By Robert Harvey
LONDON, June 3 (Reuters) - Many airlines have been hit hard by price swings in the jet fuel market, and some are not in a position to hedge their exposure, the International Air Transport Association's head of fuel said on Wednesday.
Some airlines with more elaborate hedging strategies get a bit of a cushion, Daniel Chereau told the S&P Global Energy Middle East Petroleum and Gas Conference. However, the impact of soaring jet fuel refinery profit margins, known as crack spreads, has
not been helpful for the airline industry, he added.
In North West Europe, the jet fuel crack spread peaked at an all-time high of over $121 per barrel in March, according to LSEG data, compared with around $30 per barrel before the outbreak of the Iran war in late February.
The Middle East supplies much of the world's jet fuel, but its ability to produce and export the fuel has been severely curtailed by the effective closure of the Strait of Hormuz and attacks on energy installations.
Demand destruction is appearing in the aviation sector although not necessarily due to the price of jet fuel itself, Chereau added.

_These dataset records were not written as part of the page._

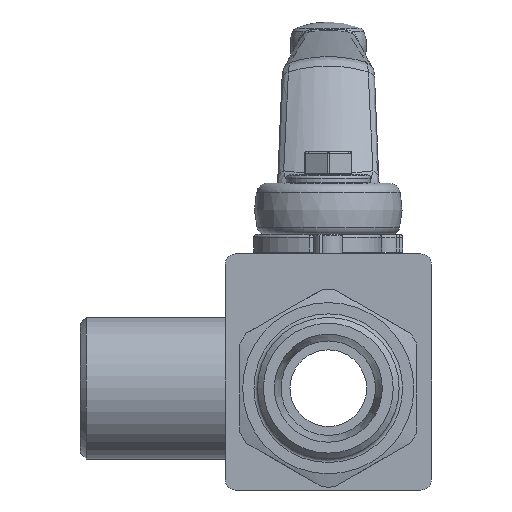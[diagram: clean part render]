
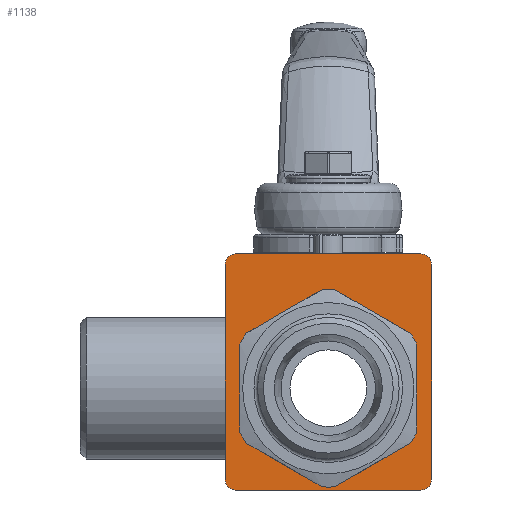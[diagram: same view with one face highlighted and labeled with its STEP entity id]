
A CAD part, front view. The second image highlights one B-rep face of the part: STEP entity #1138.
In plain terms, the highlighted planar face has unit normal (0, -1, 0).
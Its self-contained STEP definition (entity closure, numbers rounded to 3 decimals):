
#1138 = ADVANCED_FACE( '', ( #2290, #2291 ), #2292, .F. );
#2290 = FACE_BOUND( '', #4334, .T. );
#2291 = FACE_OUTER_BOUND( '', #4335, .T. );
#2292 = PLANE( '', #4336 );
#4334 = EDGE_LOOP( '', ( #7204 ) );
#4335 = EDGE_LOOP( '', ( #7205, #7206, #7207, #7208, #7209, #7210, #7211, #7212 ) );
#4336 = AXIS2_PLACEMENT_3D( '', #7213, #7214, #7215 );
#7204 = ORIENTED_EDGE( '', *, *, #8115, .F. );
#7205 = ORIENTED_EDGE( '', *, *, #8277, .T. );
#7206 = ORIENTED_EDGE( '', *, *, #8737, .T. );
#7207 = ORIENTED_EDGE( '', *, *, #7882, .T. );
#7208 = ORIENTED_EDGE( '', *, *, #8495, .T. );
#7209 = ORIENTED_EDGE( '', *, *, #8895, .T. );
#7210 = ORIENTED_EDGE( '', *, *, #8491, .T. );
#7211 = ORIENTED_EDGE( '', *, *, #8880, .T. );
#7212 = ORIENTED_EDGE( '', *, *, #8896, .T. );
#7213 = CARTESIAN_POINT( '', ( -17.5, -24.1, 22.75 ) );
#7214 = DIRECTION( '', ( 0., 1., 0. ) );
#7215 = DIRECTION( '', ( 0., 0., 1. ) );
#7882 = EDGE_CURVE( '', #9074, #9075, #9076, .T. );
#8115 = EDGE_CURVE( '', #9471, #9471, #9472, .T. );
#8277 = EDGE_CURVE( '', #9735, #9733, #9736, .T. );
#8491 = EDGE_CURVE( '', #10058, #10059, #10060, .F. );
#8495 = EDGE_CURVE( '', #9075, #10064, #10065, .F. );
#8737 = EDGE_CURVE( '', #9733, #9074, #10382, .F. );
#8880 = EDGE_CURVE( '', #10059, #10548, #10550, .T. );
#8895 = EDGE_CURVE( '', #10064, #10058, #10566, .T. );
#8896 = EDGE_CURVE( '', #10548, #9735, #10567, .F. );
#9074 = VERTEX_POINT( '', #10851 );
#9075 = VERTEX_POINT( '', #10852 );
#9076 = LINE( '', #10853, #10854 );
#9471 = VERTEX_POINT( '', #11629 );
#9472 = CIRCLE( '', #11630, 15. );
#9733 = VERTEX_POINT( '', #12104 );
#9735 = VERTEX_POINT( '', #12107 );
#9736 = LINE( '', #12108, #12109 );
#10058 = VERTEX_POINT( '', #12866 );
#10059 = VERTEX_POINT( '', #12867 );
#10060 = CIRCLE( '', #12868, 1.8 );
#10064 = VERTEX_POINT( '', #12874 );
#10065 = CIRCLE( '', #12875, 1.8 );
#10382 = CIRCLE( '', #13532, 1.8 );
#10548 = VERTEX_POINT( '', #13805 );
#10550 = LINE( '', #13808, #13809 );
#10566 = LINE( '', #13839, #13840 );
#10567 = CIRCLE( '', #13841, 1.8 );
#10851 = CARTESIAN_POINT( '', ( 17.5, -24.1, -15.45 ) );
#10852 = CARTESIAN_POINT( '', ( 17.5, -24.1, 20.95 ) );
#10853 = CARTESIAN_POINT( '', ( 17.5, -24.1, -17.25 ) );
#10854 = VECTOR( '', #14066, 1000. );
#11629 = CARTESIAN_POINT( '', ( 15., -24.1, 0. ) );
#11630 = AXIS2_PLACEMENT_3D( '', #14400, #14401, #14402 );
#12104 = CARTESIAN_POINT( '', ( 15.7, -24.1, -17.25 ) );
#12107 = CARTESIAN_POINT( '', ( -15.7, -24.1, -17.25 ) );
#12108 = CARTESIAN_POINT( '', ( -17.5, -24.1, -17.25 ) );
#12109 = VECTOR( '', #14640, 1000. );
#12866 = CARTESIAN_POINT( '', ( -15.7, -24.1, 22.75 ) );
#12867 = CARTESIAN_POINT( '', ( -17.5, -24.1, 20.95 ) );
#12868 = AXIS2_PLACEMENT_3D( '', #14923, #14924, #14925 );
#12874 = CARTESIAN_POINT( '', ( 15.7, -24.1, 22.75 ) );
#12875 = AXIS2_PLACEMENT_3D( '', #14928, #14929, #14930 );
#13532 = AXIS2_PLACEMENT_3D( '', #15217, #15218, #15219 );
#13805 = CARTESIAN_POINT( '', ( -17.5, -24.1, -15.45 ) );
#13808 = CARTESIAN_POINT( '', ( -17.5, -24.1, 22.75 ) );
#13809 = VECTOR( '', #15392, 1000. );
#13839 = CARTESIAN_POINT( '', ( 17.5, -24.1, 22.75 ) );
#13840 = VECTOR( '', #15405, 1000. );
#13841 = AXIS2_PLACEMENT_3D( '', #15406, #15407, #15408 );
#14066 = DIRECTION( '', ( 0., 0., 1. ) );
#14400 = CARTESIAN_POINT( '', ( 0., -24.1, 0. ) );
#14401 = DIRECTION( '', ( 0., -1., 0. ) );
#14402 = DIRECTION( '', ( 1., 0., 0. ) );
#14640 = DIRECTION( '', ( 1., 0., 0. ) );
#14923 = CARTESIAN_POINT( '', ( -15.7, -24.1, 20.95 ) );
#14924 = DIRECTION( '', ( 0., 1., 0. ) );
#14925 = DIRECTION( '', ( 0., 0., 1. ) );
#14928 = CARTESIAN_POINT( '', ( 15.7, -24.1, 20.95 ) );
#14929 = DIRECTION( '', ( 0., 1., 0. ) );
#14930 = DIRECTION( '', ( 0., 0., 1. ) );
#15217 = CARTESIAN_POINT( '', ( 15.7, -24.1, -15.45 ) );
#15218 = DIRECTION( '', ( 0., 1., 0. ) );
#15219 = DIRECTION( '', ( 0., 0., 1. ) );
#15392 = DIRECTION( '', ( 0., 0., -1. ) );
#15405 = DIRECTION( '', ( -1., 0., 0. ) );
#15406 = CARTESIAN_POINT( '', ( -15.7, -24.1, -15.45 ) );
#15407 = DIRECTION( '', ( 0., 1., 0. ) );
#15408 = DIRECTION( '', ( 0., 0., 1. ) );

Demand destruction has been caused by airlines cancelling flights, he said, while in some parts of the world airports are running dry of fuel for short periods of time.
He warned that such instances could become more frequent, and that the longer the conflict lasts, the more demand destruction could come from the passenger side.
Chereau did not name specific airlines or airports which have been worst hit.